The interview was recorded at the end of July this year and Mordvichev assumed that the Ukrainian counteroffensive would slow down by… pic.twitter.com/MB9m1YYcLV
— TheKremlinYap (@TheKremlinYap) September 9, 2023
Here’s the quote from The Daily Beast:
When asked about the length of the war in Ukraine, Mordvichev responded that he has an understanding that Russia has to attack Eastern Europe. “If we’re talking about Eastern Europe, which we’ll have to attack, it will be longer and longer,” Mordvichev said. When asked if Ukraine is “only an intermediate stage,” Mordvichev replied that Ukraine is just a stepping stone to other attacks.
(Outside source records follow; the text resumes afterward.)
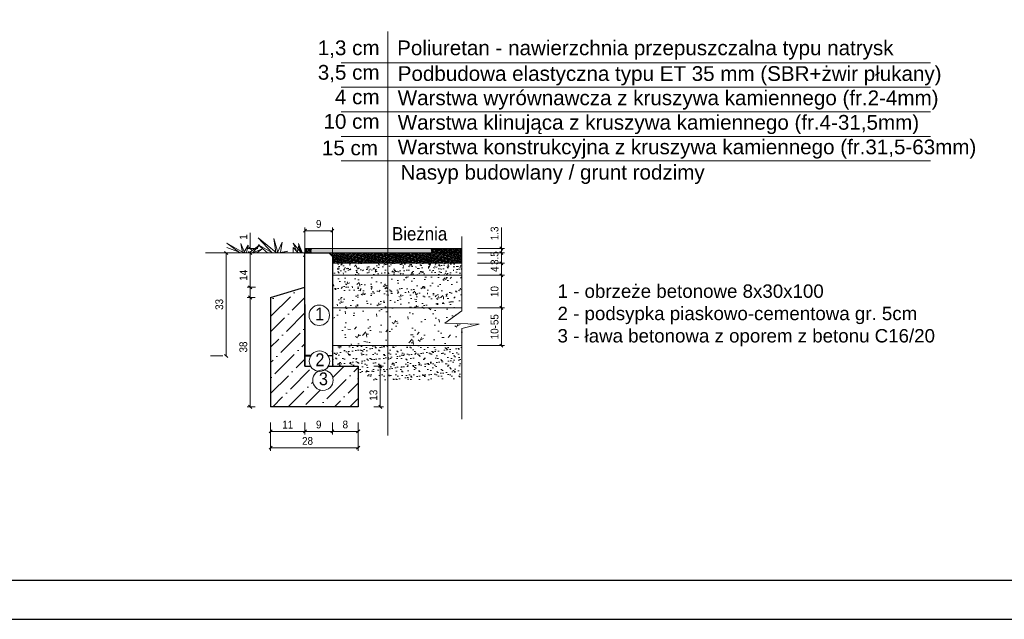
# Model space of a CAD drawing. Header units: millimetres. Extents: x 74583 to 75292, y 11361 to 11727.
# Tile 2 of 85: x 74781 to 74813, y 11653 to 11672. Entities that reach past the tile are written whole.
import ezdxf

# ---------------------------------------------------------------- set-up
doc = ezdxf.new("R2010")
doc.units = ezdxf.units.MM
doc.linetypes.add('1', pattern=[0])
for name, color, linetype, lineweight in [('konstrukcja', 165, 'Continuous', 30), ('kresowanie', 137, 'Continuous', 5), ('opisyy', 122, 'Continuous', 5), ('WYMIAROWA', 143, 'Continuous', 5), ('wymiary', 250, 'Continuous', 5), ('wypełnienie', 8, 'Continuous', 5)]:
    doc.layers.add(name, color=color, linetype=linetype, lineweight=lineweight)
doc.styles.add('ARIAL', font='ARIAL.TTF', dxfattribs={"width": 0.9})
doc.styles.add('Opisowy', font='ARIAL.TTF')
doc.dimstyles.new('radom 500', dxfattribs={"dimscale": 0, "dimtxt": 1, "dimasz": 0.5, "dimexe": 0.1, "dimexo": 0.5, "dimgap": 0.09, "dimtad": 1, "dimdec": 1, "dimzin": 0, "dimdsep": 46, "dimtxsty": 'Opisowy', "dimblk": 'OBLIQUE', "dimcen": 0.09, "dimclrd": 256, "dimclre": 256, "dimclrt": 256, "dimadec": 0, "dimazin": 0, "dimtfac": 1, "dimtdec": 1, "dimtofl": 0, "dimtmove": 0, "dimatfit": 3, "dimfxl": 0.05, "dimtfillclr": 256, "dimtolj": 1, "dimtzin": 0, "dimlwd": 13, "dimlwe": 13, "dimarcsym": 0})

# ---------------------------------------------------------------- blocks, each defined once
blk = doc.blocks.new('_Oblique')
at = {"color": 0, "lineweight": -2}
blk.add_line((-0.5, -0.5), (0.5, 0.5), dxfattribs=at)
blk = doc.blocks.new('*D492')
at = {"layer": 'Defpoints', "color": 0, "linetype": '1'}
for p in [(74791.496, 11665.444), (74790.616, 11664.066), (74791.496, 11663.505)]:
    blk.add_point(p, dxfattribs=at)
at = {"layer": 'WYMIAROWA', "linetype": 'Continuous', "lineweight": 13}
for p, q in [((74790.616, 11664.566), (74790.616, 11665.544)), ((74791.496, 11664.005), (74791.496, 11665.544))]:
    blk.add_line(p, q, dxfattribs=at)
at = {"layer": 'WYMIAROWA', "linetype": 'Continuous', "lineweight": 5}
blk.add_line((74790.616, 11665.444), (74791.496, 11665.444), dxfattribs=at)
at = {"layer": 'WYMIAROWA', "linetype": 'ByBlock', "lineweight": 5, "xscale": 0.1, "yscale": 0.1, "zscale": 0.1, "rotation": 180}
blk.add_blockref('_Oblique', (74790.616, 11665.444), dxfattribs=at)
at = {"layer": 'WYMIAROWA', "linetype": 'ByBlock', "lineweight": 5, "xscale": 0.1, "yscale": 0.1, "zscale": 0.1}
blk.add_blockref('_Oblique', (74791.496, 11665.444), dxfattribs=at)
at = {"layer": 'WYMIAROWA', "linetype": '1', "insert": (74791.056, 11665.661), "char_height": 0.25, "attachment_point": 5, "style": 'ARIAL'}
blk.add_mtext('\\A1;9', dxfattribs=at)
blk = doc.blocks.new('*D493')
at = {"layer": 'Defpoints', "color": 0, "linetype": '1'}
for p in [(74789.516, 11659.801), (74792.321, 11659.801), (74792.321, 11658.488)]:
    blk.add_point(p, dxfattribs=at)
at = {"layer": 'WYMIAROWA', "linetype": 'Continuous', "lineweight": 13}
for p, q in [((74789.516, 11659.301), (74789.516, 11658.388)), ((74792.321, 11659.301), (74792.321, 11658.388))]:
    blk.add_line(p, q, dxfattribs=at)
at = {"layer": 'WYMIAROWA', "linetype": 'Continuous', "lineweight": 5}
blk.add_line((74789.516, 11658.488), (74792.321, 11658.488), dxfattribs=at)
at = {"layer": 'WYMIAROWA', "linetype": 'ByBlock', "lineweight": 5, "xscale": 0.1, "yscale": 0.1, "zscale": 0.1, "rotation": 180}
blk.add_blockref('_Oblique', (74789.516, 11658.488), dxfattribs=at)
at = {"layer": 'WYMIAROWA', "linetype": 'ByBlock', "lineweight": 5, "xscale": 0.1, "yscale": 0.1, "zscale": 0.1}
blk.add_blockref('_Oblique', (74792.321, 11658.488), dxfattribs=at)
at = {"layer": 'WYMIAROWA', "linetype": '1', "insert": (74790.699, 11658.706), "char_height": 0.25, "attachment_point": 5, "style": 'ARIAL'}
blk.add_mtext('\\A1;28', dxfattribs=at)
blk = doc.blocks.new('*D494')
at = {"layer": 'Defpoints', "color": 0, "linetype": '1'}
for p in [(74792.321, 11661.102), (74792.321, 11659.801), (74793.029, 11659.801)]:
    blk.add_point(p, dxfattribs=at)
at = {"layer": 'WYMIAROWA', "linetype": 'Continuous', "lineweight": 13}
for p, q in [((74792.821, 11661.102), (74793.129, 11661.102)), ((74792.821, 11659.801), (74793.129, 11659.801))]:
    blk.add_line(p, q, dxfattribs=at)
at = {"layer": 'WYMIAROWA', "linetype": 'Continuous', "lineweight": 5}
blk.add_line((74793.029, 11661.102), (74793.029, 11659.801), dxfattribs=at)
at = {"layer": 'WYMIAROWA', "linetype": 'ByBlock', "lineweight": 5, "xscale": 0.1, "yscale": 0.1, "zscale": 0.1}
for p, rotation in [((74793.029, 11661.102), 90), ((74793.029, 11659.801), 270)]:
    blk.add_blockref('_Oblique', p, dxfattribs=dict(at, rotation=rotation))
at = {"layer": 'WYMIAROWA', "linetype": '1', "insert": (74792.811, 11660.172), "char_height": 0.25, "attachment_point": 5, "rotation": 90, "style": 'ARIAL'}
blk.add_mtext('\\A1;13', dxfattribs=at)
blk = doc.blocks.new('*D495')
at = {"layer": 'Defpoints', "color": 0, "linetype": '1'}
for p in [(74788.86, 11663.632), (74789.529, 11663.632), (74789.516, 11659.801)]:
    blk.add_point(p, dxfattribs=at)
at = {"layer": 'WYMIAROWA', "linetype": 'Continuous', "lineweight": 13}
for p, q in [((74789.029, 11663.632), (74788.76, 11663.632)), ((74789.016, 11659.801), (74788.76, 11659.801))]:
    blk.add_line(p, q, dxfattribs=at)
at = {"layer": 'WYMIAROWA', "linetype": 'Continuous', "lineweight": 5}
blk.add_line((74788.86, 11659.801), (74788.86, 11663.632), dxfattribs=at)
at = {"layer": 'WYMIAROWA', "linetype": 'ByBlock', "lineweight": 5, "xscale": 0.1, "yscale": 0.1, "zscale": 0.1}
for p, rotation in [((74788.86, 11663.632), 90), ((74788.86, 11659.801), 270)]:
    blk.add_blockref('_Oblique', p, dxfattribs=dict(at, rotation=rotation))
at = {"layer": 'WYMIAROWA', "linetype": '1', "insert": (74788.642, 11661.717), "char_height": 0.25, "attachment_point": 5, "rotation": 90, "style": 'ARIAL'}
blk.add_mtext('\\A1;38', dxfattribs=at)
blk = doc.blocks.new('*D496')
at = {"layer": 'Defpoints', "color": 0, "linetype": '1'}
for p in [(74788.86, 11664.732), (74789.618, 11664.732), (74789.516, 11663.302)]:
    blk.add_point(p, dxfattribs=at)
at = {"layer": 'WYMIAROWA', "linetype": 'Continuous', "lineweight": 13}
for p, q in [((74789.118, 11664.732), (74788.76, 11664.732)), ((74789.016, 11663.302), (74788.76, 11663.302))]:
    blk.add_line(p, q, dxfattribs=at)
at = {"layer": 'WYMIAROWA', "linetype": 'Continuous', "lineweight": 5}
blk.add_line((74788.86, 11663.302), (74788.86, 11664.732), dxfattribs=at)
at = {"layer": 'WYMIAROWA', "linetype": 'ByBlock', "lineweight": 5, "xscale": 0.1, "yscale": 0.1, "zscale": 0.1}
for p, rotation in [((74788.86, 11664.732), 90), ((74788.86, 11663.302), 270)]:
    blk.add_blockref('_Oblique', p, dxfattribs=dict(at, rotation=rotation))
at = {"layer": 'WYMIAROWA', "linetype": '1', "insert": (74788.645, 11664.017), "char_height": 0.25, "attachment_point": 5, "rotation": 90, "style": 'ARIAL'}
blk.add_mtext('\\A1;14', dxfattribs=at)
blk = doc.blocks.new('*D497')
at = {"layer": 'Defpoints', "color": 0, "linetype": '1'}
for p in [(74795.642, 11664.732), (74795.642, 11664.402), (74796.908, 11664.402)]:
    blk.add_point(p, dxfattribs=at)
at = {"layer": 'WYMIAROWA', "linetype": 'Continuous', "lineweight": 13}
for p, q in [((74796.142, 11664.732), (74797.008, 11664.732)), ((74796.142, 11664.402), (74797.008, 11664.402))]:
    blk.add_line(p, q, dxfattribs=at)
at = {"layer": 'WYMIAROWA', "linetype": 'Continuous', "lineweight": 5}
blk.add_line((74796.908, 11664.732), (74796.908, 11664.402), dxfattribs=at)
at = {"layer": 'WYMIAROWA', "linetype": 'ByBlock', "lineweight": 5, "xscale": 0.1, "yscale": 0.1, "zscale": 0.1}
for p, rotation in [((74796.908, 11664.732), 90), ((74796.908, 11664.402), 270)]:
    blk.add_blockref('_Oblique', p, dxfattribs=dict(at, rotation=rotation))
at = {"layer": 'WYMIAROWA', "linetype": '1', "insert": (74796.69, 11664.567), "char_height": 0.25, "attachment_point": 5, "rotation": 90, "style": 'ARIAL'}
blk.add_mtext('\\A1;3.5', dxfattribs=at)
blk = doc.blocks.new('*D498')
at = {"layer": 'Defpoints', "color": 0, "linetype": '1'}
for p in [(74795.642, 11664.875), (74795.642, 11664.732), (74796.908, 11664.875)]:
    blk.add_point(p, dxfattribs=at)
at = {"layer": 'WYMIAROWA', "linetype": 'Continuous', "lineweight": 5}
for p, q in [((74796.908, 11664.875), (74796.908, 11665.544)), ((74796.908, 11664.732), (74796.908, 11664.632))]:
    blk.add_line(p, q, dxfattribs=at)
at = {"layer": 'WYMIAROWA', "linetype": 'Continuous', "lineweight": 13}
for p, q in [((74796.142, 11664.875), (74797.008, 11664.875)), ((74796.142, 11664.732), (74797.008, 11664.732))]:
    blk.add_line(p, q, dxfattribs=at)
at = {"layer": 'WYMIAROWA', "linetype": 'ByBlock', "lineweight": 5, "xscale": 0.1, "yscale": 0.1, "zscale": 0.1}
for p, rotation in [((74796.908, 11664.875), 270), ((74796.908, 11664.732), 90)]:
    blk.add_blockref('_Oblique', p, dxfattribs=dict(at, rotation=rotation))
at = {"layer": 'WYMIAROWA', "linetype": '1', "insert": (74796.69, 11665.359), "char_height": 0.25, "attachment_point": 5, "rotation": 90, "style": 'ARIAL'}
blk.add_mtext('\\A1;1.3', dxfattribs=at)
blk = doc.blocks.new('*D499')
at = {"layer": 'Defpoints', "color": 0, "linetype": '1'}
for p in [(74795.642, 11664.017), (74795.642, 11662.972), (74796.908, 11662.972)]:
    blk.add_point(p, dxfattribs=at)
at = {"layer": 'WYMIAROWA', "linetype": 'Continuous', "lineweight": 13}
for p, q in [((74796.142, 11664.017), (74797.008, 11664.017)), ((74796.142, 11662.972), (74797.008, 11662.972))]:
    blk.add_line(p, q, dxfattribs=at)
at = {"layer": 'WYMIAROWA', "linetype": 'Continuous', "lineweight": 5}
blk.add_line((74796.908, 11664.017), (74796.908, 11662.972), dxfattribs=at)
at = {"layer": 'WYMIAROWA', "linetype": 'ByBlock', "lineweight": 5, "xscale": 0.1, "yscale": 0.1, "zscale": 0.1}
for p, rotation in [((74796.908, 11664.017), 90), ((74796.908, 11662.972), 270)]:
    blk.add_blockref('_Oblique', p, dxfattribs=dict(at, rotation=rotation))
at = {"layer": 'WYMIAROWA', "linetype": '1', "insert": (74796.691, 11663.495), "char_height": 0.25, "attachment_point": 5, "rotation": 90, "style": 'ARIAL'}
blk.add_mtext('\\A1;10', dxfattribs=at)
blk = doc.blocks.new('*D500')
at = {"layer": 'Defpoints', "color": 0, "linetype": '1'}
for p in [(74795.642, 11662.972), (74795.642, 11661.762), (74796.908, 11661.762)]:
    blk.add_point(p, dxfattribs=at)
at = {"layer": 'WYMIAROWA', "linetype": 'Continuous', "lineweight": 13}
for p, q in [((74796.142, 11662.972), (74797.008, 11662.972)), ((74796.142, 11661.762), (74797.008, 11661.762))]:
    blk.add_line(p, q, dxfattribs=at)
at = {"layer": 'WYMIAROWA', "linetype": 'Continuous', "lineweight": 5}
blk.add_line((74796.908, 11662.972), (74796.908, 11661.762), dxfattribs=at)
at = {"layer": 'WYMIAROWA', "linetype": 'ByBlock', "lineweight": 5, "xscale": 0.1, "yscale": 0.1, "zscale": 0.1}
for p, rotation in [((74796.908, 11662.972), 90), ((74796.908, 11661.762), 270)]:
    blk.add_blockref('_Oblique', p, dxfattribs=dict(at, rotation=rotation))
at = {"layer": 'WYMIAROWA', "linetype": '1', "insert": (74796.691, 11662.367), "char_height": 0.25, "attachment_point": 5, "rotation": 90, "style": 'ARIAL'}
blk.add_mtext('\\A1;10-55', dxfattribs=at)
blk = doc.blocks.new('*D501')
at = {"layer": 'Defpoints', "color": 0, "linetype": '1'}
for p in [(74788.09, 11664.732), (74788.86, 11664.732), (74788.09, 11661.432)]:
    blk.add_point(p, dxfattribs=at)
at = {"layer": 'WYMIAROWA', "linetype": 'Continuous', "lineweight": 13}
for p, q in [((74788.36, 11664.732), (74787.99, 11664.732)), ((74787.59, 11661.432), (74787.99, 11661.432))]:
    blk.add_line(p, q, dxfattribs=at)
at = {"layer": 'WYMIAROWA', "linetype": 'Continuous', "lineweight": 5}
blk.add_line((74788.09, 11661.432), (74788.09, 11664.732), dxfattribs=at)
at = {"layer": 'WYMIAROWA', "linetype": 'ByBlock', "lineweight": 5, "xscale": 0.1, "yscale": 0.1, "zscale": 0.1}
for p, rotation in [((74788.09, 11664.732), 90), ((74788.09, 11661.432), 270)]:
    blk.add_blockref('_Oblique', p, dxfattribs=dict(at, rotation=rotation))
at = {"layer": 'WYMIAROWA', "linetype": '1', "insert": (74787.872, 11663.082), "char_height": 0.25, "attachment_point": 5, "rotation": 90, "style": 'ARIAL'}
blk.add_mtext('\\A1;33', dxfattribs=at)
blk = doc.blocks.new('*D502')
at = {"layer": 'Defpoints', "color": 0, "linetype": '1'}
for p in [(74789.516, 11659.801), (74790.616, 11659.801), (74790.616, 11659.013)]:
    blk.add_point(p, dxfattribs=at)
at = {"layer": 'WYMIAROWA', "linetype": 'Continuous', "lineweight": 13}
for p, q in [((74789.516, 11659.301), (74789.516, 11658.913)), ((74790.616, 11659.301), (74790.616, 11658.913))]:
    blk.add_line(p, q, dxfattribs=at)
at = {"layer": 'WYMIAROWA', "linetype": 'Continuous', "lineweight": 5}
blk.add_line((74789.516, 11659.013), (74790.616, 11659.013), dxfattribs=at)
at = {"layer": 'WYMIAROWA', "linetype": 'ByBlock', "lineweight": 5, "xscale": 0.1, "yscale": 0.1, "zscale": 0.1, "rotation": 180}
blk.add_blockref('_Oblique', (74789.516, 11659.013), dxfattribs=at)
at = {"layer": 'WYMIAROWA', "linetype": 'ByBlock', "lineweight": 5, "xscale": 0.1, "yscale": 0.1, "zscale": 0.1}
blk.add_blockref('_Oblique', (74790.616, 11659.013), dxfattribs=at)
at = {"layer": 'WYMIAROWA', "linetype": '1', "insert": (74790.066, 11659.229), "char_height": 0.25, "attachment_point": 5, "style": 'ARIAL'}
blk.add_mtext('\\A1;11', dxfattribs=at)
blk = doc.blocks.new('*D503')
at = {"layer": 'Defpoints', "color": 0, "linetype": '1'}
for p in [(74790.616, 11659.801), (74791.496, 11659.801), (74791.496, 11659.013)]:
    blk.add_point(p, dxfattribs=at)
at = {"layer": 'WYMIAROWA', "linetype": 'Continuous', "lineweight": 13}
for p, q in [((74790.616, 11659.301), (74790.616, 11658.913)), ((74791.496, 11659.301), (74791.496, 11658.913))]:
    blk.add_line(p, q, dxfattribs=at)
at = {"layer": 'WYMIAROWA', "linetype": 'Continuous', "lineweight": 5}
blk.add_line((74790.616, 11659.013), (74791.496, 11659.013), dxfattribs=at)
at = {"layer": 'WYMIAROWA', "linetype": 'ByBlock', "lineweight": 5, "xscale": 0.1, "yscale": 0.1, "zscale": 0.1, "rotation": 180}
blk.add_blockref('_Oblique', (74790.616, 11659.013), dxfattribs=at)
at = {"layer": 'WYMIAROWA', "linetype": 'ByBlock', "lineweight": 5, "xscale": 0.1, "yscale": 0.1, "zscale": 0.1}
blk.add_blockref('_Oblique', (74791.496, 11659.013), dxfattribs=at)
at = {"layer": 'WYMIAROWA', "linetype": '1', "insert": (74791.056, 11659.231), "char_height": 0.25, "attachment_point": 5, "style": 'ARIAL'}
blk.add_mtext('\\A1;9', dxfattribs=at)
blk = doc.blocks.new('*D504')
at = {"layer": 'Defpoints', "color": 0, "linetype": '1'}
for p in [(74791.496, 11659.801), (74792.321, 11659.801), (74792.321, 11659.013)]:
    blk.add_point(p, dxfattribs=at)
at = {"layer": 'WYMIAROWA', "linetype": 'Continuous', "lineweight": 13}
for p, q in [((74791.496, 11659.301), (74791.496, 11658.913)), ((74792.321, 11659.301), (74792.321, 11658.913))]:
    blk.add_line(p, q, dxfattribs=at)
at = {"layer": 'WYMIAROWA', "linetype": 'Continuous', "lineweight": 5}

Mordvichev isn’t freelancing here. He’s communicating the actual policy position of Putin and Russia for both the genocidal war against Ukraine and the intentions for eastern Europe. While the Ukrainians resolve has demonstrated that Russia does not have the capability, the ways and means, to achieve these ends at this time, one of the ways in Russia’s strategy is to play for time. Putin is counting on changes via elections in the US over the next year. He is counting on a new refugee crisis created by the food scarcity crisis he is creating with his embargo of Ukrainian grain and other foodstuffs and attacks on Ukraine’s granaries and food production & storage facilities. He is counting on those refugees showing up in Europe during the winter and that it will be a cold winter this year, not like the past one. As such he’s playing for time for the crises he’s creating to set the conditions for his proxies in various EU states to take political advantage. He’s also counting on the food crisis he’s creating to drive global food prices back up, reigniting inflation in the US, which is currently on the way back down, to further increase the chances that the GOP will win the presidency and retain at least one chamber of Congress in 2024.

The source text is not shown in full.